> Task objective
Line by line, check the data for the string "sizes" and state how many lines have it, nothing more.
### Records for the exercise
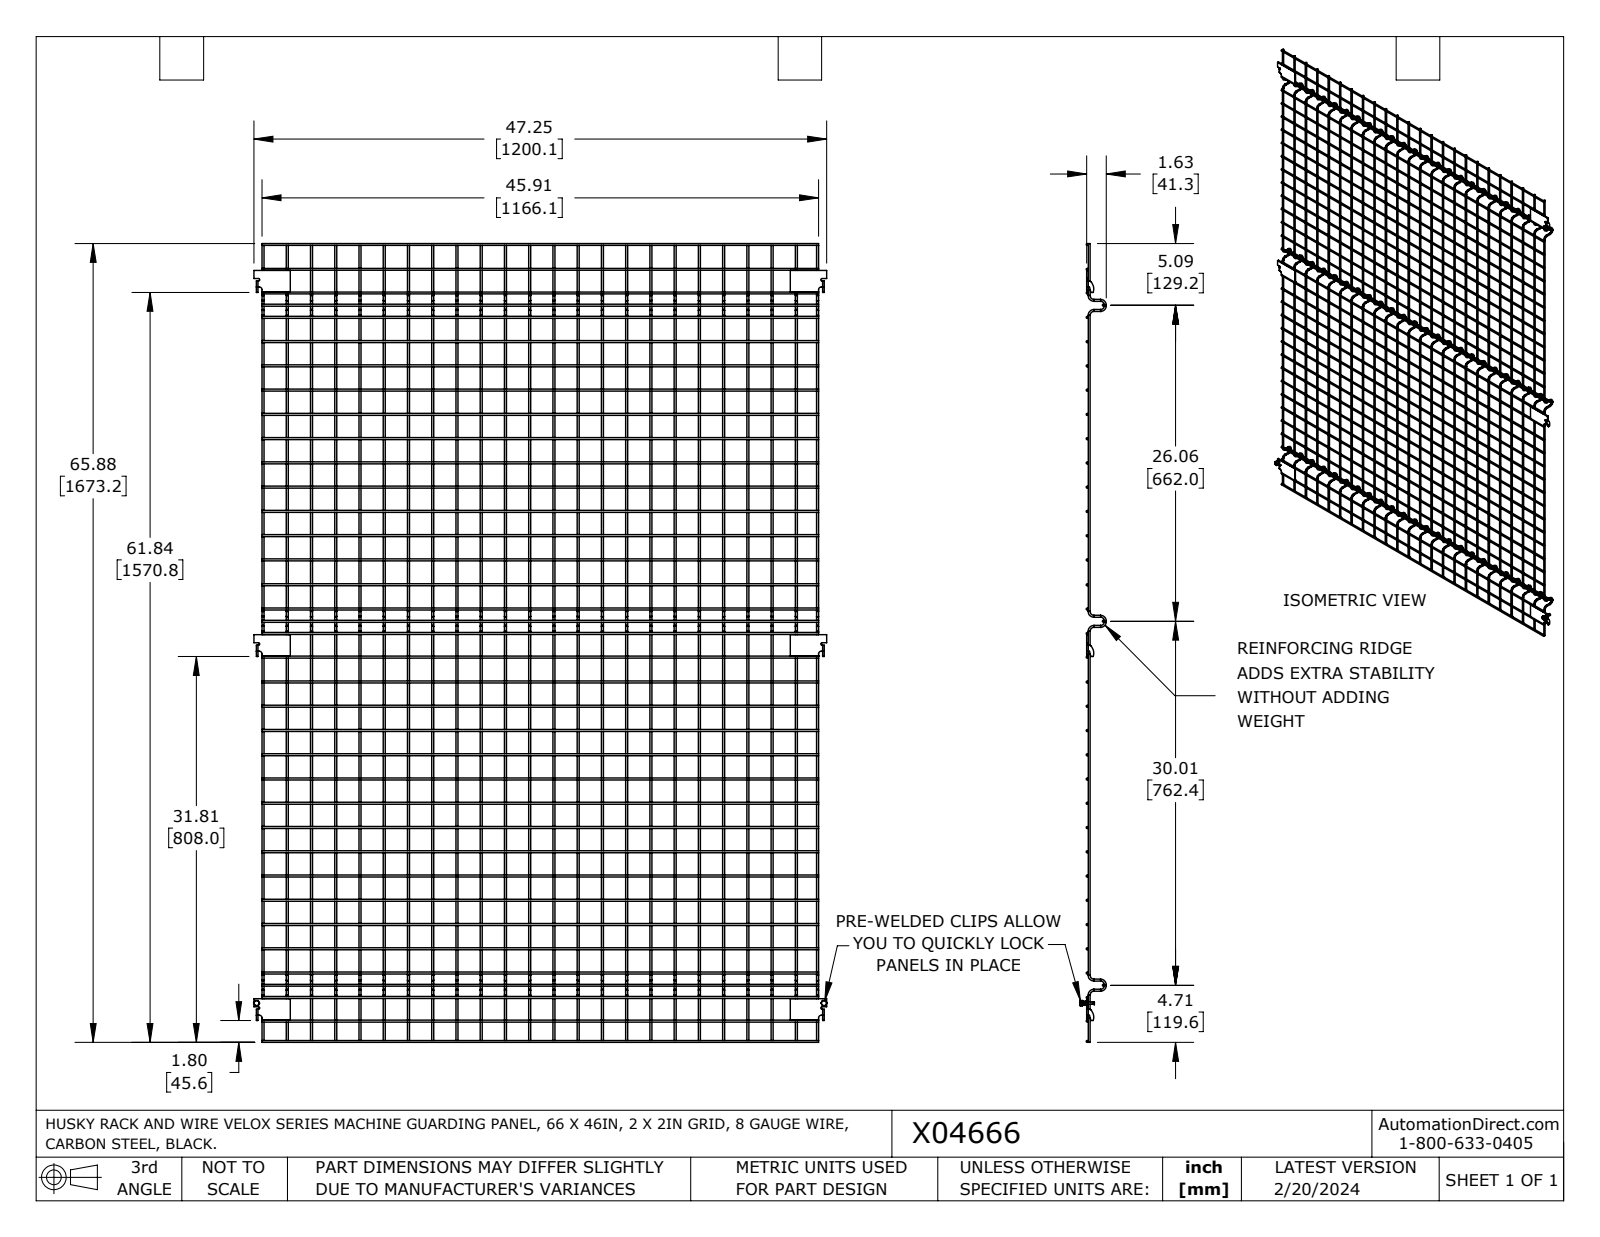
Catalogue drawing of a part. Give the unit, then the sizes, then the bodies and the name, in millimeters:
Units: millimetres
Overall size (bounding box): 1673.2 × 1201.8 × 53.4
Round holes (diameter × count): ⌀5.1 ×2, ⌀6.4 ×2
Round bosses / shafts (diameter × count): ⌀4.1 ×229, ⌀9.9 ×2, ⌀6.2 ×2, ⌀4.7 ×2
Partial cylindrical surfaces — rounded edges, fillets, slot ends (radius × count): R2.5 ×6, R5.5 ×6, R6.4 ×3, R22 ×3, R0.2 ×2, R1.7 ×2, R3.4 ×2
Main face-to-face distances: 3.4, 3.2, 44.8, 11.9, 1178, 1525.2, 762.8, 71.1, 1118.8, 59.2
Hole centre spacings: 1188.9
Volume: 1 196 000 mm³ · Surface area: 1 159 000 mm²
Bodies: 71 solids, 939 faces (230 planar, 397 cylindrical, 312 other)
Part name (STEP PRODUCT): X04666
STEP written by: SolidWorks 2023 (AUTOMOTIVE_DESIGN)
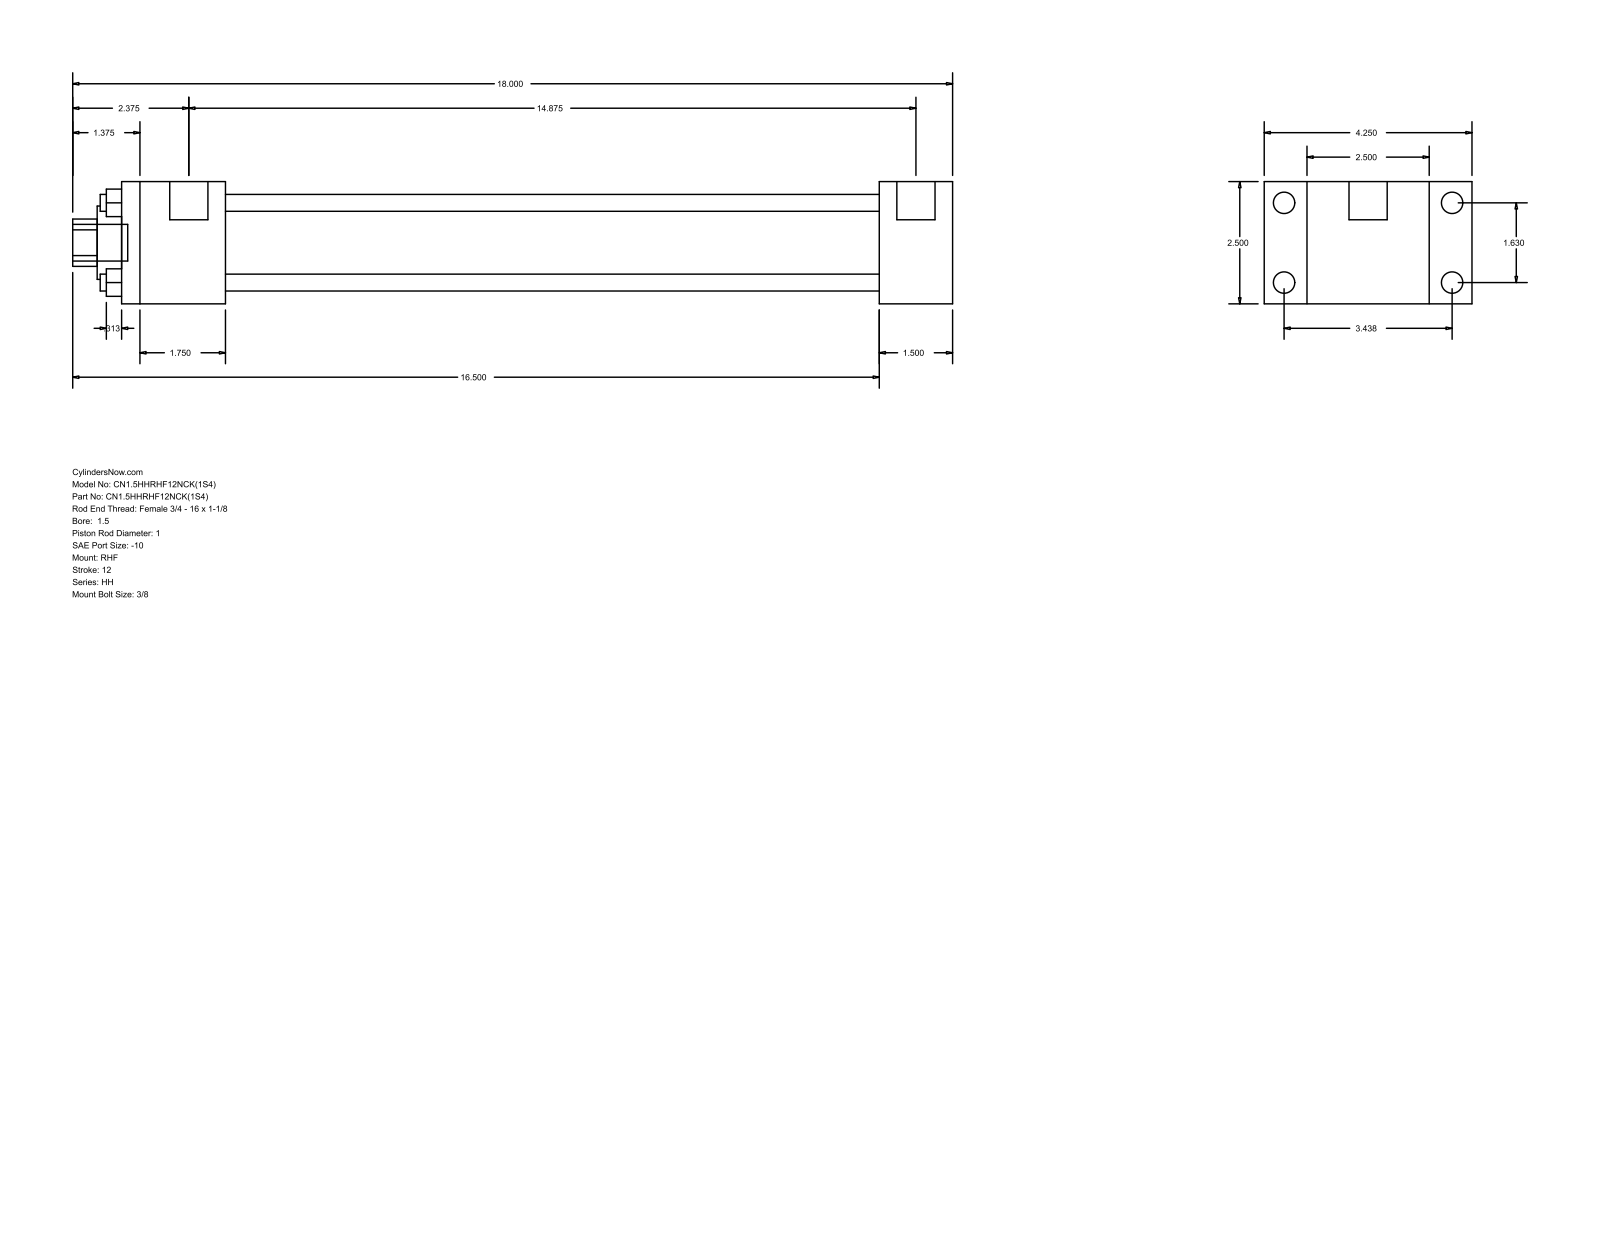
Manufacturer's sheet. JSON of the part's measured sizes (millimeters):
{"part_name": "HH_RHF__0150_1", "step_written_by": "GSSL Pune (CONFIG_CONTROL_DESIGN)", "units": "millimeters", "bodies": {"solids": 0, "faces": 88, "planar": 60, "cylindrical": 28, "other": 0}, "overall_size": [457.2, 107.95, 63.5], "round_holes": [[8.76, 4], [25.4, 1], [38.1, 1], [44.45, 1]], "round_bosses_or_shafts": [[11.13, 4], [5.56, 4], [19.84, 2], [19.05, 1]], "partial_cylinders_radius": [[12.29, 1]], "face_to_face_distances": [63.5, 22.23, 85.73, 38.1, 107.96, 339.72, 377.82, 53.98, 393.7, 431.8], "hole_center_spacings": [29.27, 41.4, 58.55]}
######
> Exercise result
2